3. Birincil Keratinosit Hasat ve Tohumlama
- Onaylanmış hayvan tesisi/IACUC standartlarına göre CO2 inhalasyonu ile dört ila beş yetişkin dişi fareyi ötenazi. Ancak, bu protokol tek dişi/erkek fareler için de kullanılabilir.
- Bir elektrikli hayvan makası ile dorsal kürk yaklaşık 9 cm2 Klip ve yeterli poviyo iyot antiseptik çözeltisi ile 500 mL kavanoza tüm kırpılmış fareler yerleştirin (fırçalamak değil) 1-2 dakika boyunca onları kapsayacak şekilde. fareler üzerinde çözelti.
- Çözeltiyi dökün ve sıvı temizolana kadar temiz suyla durulayın. Aynı antiseptik yıkamayı tekrarlayın ve ardından su durulayın. İyot çözeltisi ile antiseptik yıkama sonra, 5-10 dakika boyunca% 70 etanol tüm fareler ıslatın.
NOT: Açık kürklü fareler (örneğin, BALB/c) antiseptik iyot yıkarlarından hafif sarımsı bir renk korurken, koyu fareler (örneğin, C57BL/6) tutamaz.
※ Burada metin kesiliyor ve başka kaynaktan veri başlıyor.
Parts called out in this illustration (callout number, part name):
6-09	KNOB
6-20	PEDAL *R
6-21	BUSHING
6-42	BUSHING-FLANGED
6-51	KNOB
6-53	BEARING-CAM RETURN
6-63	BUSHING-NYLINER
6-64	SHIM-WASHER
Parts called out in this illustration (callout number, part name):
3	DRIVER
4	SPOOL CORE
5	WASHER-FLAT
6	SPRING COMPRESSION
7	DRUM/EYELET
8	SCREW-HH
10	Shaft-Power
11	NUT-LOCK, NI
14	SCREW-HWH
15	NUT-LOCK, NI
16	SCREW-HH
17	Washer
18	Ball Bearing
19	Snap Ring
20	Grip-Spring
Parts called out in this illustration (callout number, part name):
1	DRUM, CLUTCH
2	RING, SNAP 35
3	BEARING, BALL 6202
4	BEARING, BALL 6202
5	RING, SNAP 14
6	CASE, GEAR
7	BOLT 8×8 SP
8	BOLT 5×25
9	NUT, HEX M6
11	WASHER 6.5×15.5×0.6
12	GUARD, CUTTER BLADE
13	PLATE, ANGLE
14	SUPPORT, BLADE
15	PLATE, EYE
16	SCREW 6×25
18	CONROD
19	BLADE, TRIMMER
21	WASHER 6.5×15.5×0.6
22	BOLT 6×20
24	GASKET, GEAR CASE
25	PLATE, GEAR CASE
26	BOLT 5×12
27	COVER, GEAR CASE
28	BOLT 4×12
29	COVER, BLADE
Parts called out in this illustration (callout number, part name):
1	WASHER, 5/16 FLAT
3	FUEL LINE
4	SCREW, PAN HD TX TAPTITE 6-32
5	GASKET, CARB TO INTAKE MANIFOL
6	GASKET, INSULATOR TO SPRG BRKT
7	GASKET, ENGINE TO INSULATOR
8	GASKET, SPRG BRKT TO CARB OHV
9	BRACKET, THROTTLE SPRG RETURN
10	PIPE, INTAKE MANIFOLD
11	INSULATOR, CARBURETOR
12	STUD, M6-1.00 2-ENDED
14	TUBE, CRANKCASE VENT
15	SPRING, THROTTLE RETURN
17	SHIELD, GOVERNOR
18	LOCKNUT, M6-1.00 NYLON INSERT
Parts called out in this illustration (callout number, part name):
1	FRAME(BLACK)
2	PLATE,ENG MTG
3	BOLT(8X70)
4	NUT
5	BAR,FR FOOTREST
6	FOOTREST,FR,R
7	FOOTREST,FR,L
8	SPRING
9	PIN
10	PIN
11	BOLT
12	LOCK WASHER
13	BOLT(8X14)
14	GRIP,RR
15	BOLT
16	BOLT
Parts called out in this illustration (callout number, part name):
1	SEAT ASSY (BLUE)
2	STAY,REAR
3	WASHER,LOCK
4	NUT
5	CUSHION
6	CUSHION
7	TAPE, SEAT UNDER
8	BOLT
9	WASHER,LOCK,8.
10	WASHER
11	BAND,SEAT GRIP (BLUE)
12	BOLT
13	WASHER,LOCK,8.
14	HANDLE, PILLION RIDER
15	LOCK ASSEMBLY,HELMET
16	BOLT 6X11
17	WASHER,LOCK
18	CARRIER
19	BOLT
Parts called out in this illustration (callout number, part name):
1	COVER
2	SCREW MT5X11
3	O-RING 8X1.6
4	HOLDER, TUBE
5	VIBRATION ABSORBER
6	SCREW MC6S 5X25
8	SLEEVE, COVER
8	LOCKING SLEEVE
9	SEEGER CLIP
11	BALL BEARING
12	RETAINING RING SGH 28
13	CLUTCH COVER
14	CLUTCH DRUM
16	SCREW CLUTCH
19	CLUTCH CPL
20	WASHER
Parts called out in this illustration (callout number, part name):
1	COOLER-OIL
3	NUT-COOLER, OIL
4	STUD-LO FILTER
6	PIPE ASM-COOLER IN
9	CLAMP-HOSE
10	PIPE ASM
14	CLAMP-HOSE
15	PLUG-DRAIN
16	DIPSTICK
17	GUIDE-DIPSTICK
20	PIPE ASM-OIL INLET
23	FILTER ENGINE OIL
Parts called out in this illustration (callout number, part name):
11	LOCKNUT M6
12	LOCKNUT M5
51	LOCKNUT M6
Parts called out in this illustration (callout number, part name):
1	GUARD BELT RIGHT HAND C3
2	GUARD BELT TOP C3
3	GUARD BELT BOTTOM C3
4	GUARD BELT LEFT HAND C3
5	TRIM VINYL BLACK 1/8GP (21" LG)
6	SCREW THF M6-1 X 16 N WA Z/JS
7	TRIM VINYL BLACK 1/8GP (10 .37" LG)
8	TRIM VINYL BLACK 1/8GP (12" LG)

Özellikle, hücre canlılığı veya kültür büyüme sarı renk nedeniyle etkilenmez.
- Dikkatle bir laminar akış kaputunda başparmak forceps ve makas kullanarak kırpılmış sırt derisi çıkarın. Excised dorsal deri konik tüp PBS/2x gentamisin ile dolu yerleştirin. Kültürde meme hücresi kontaminasyonunu önlemek için ventral yan deri kullanmaktan kaçının.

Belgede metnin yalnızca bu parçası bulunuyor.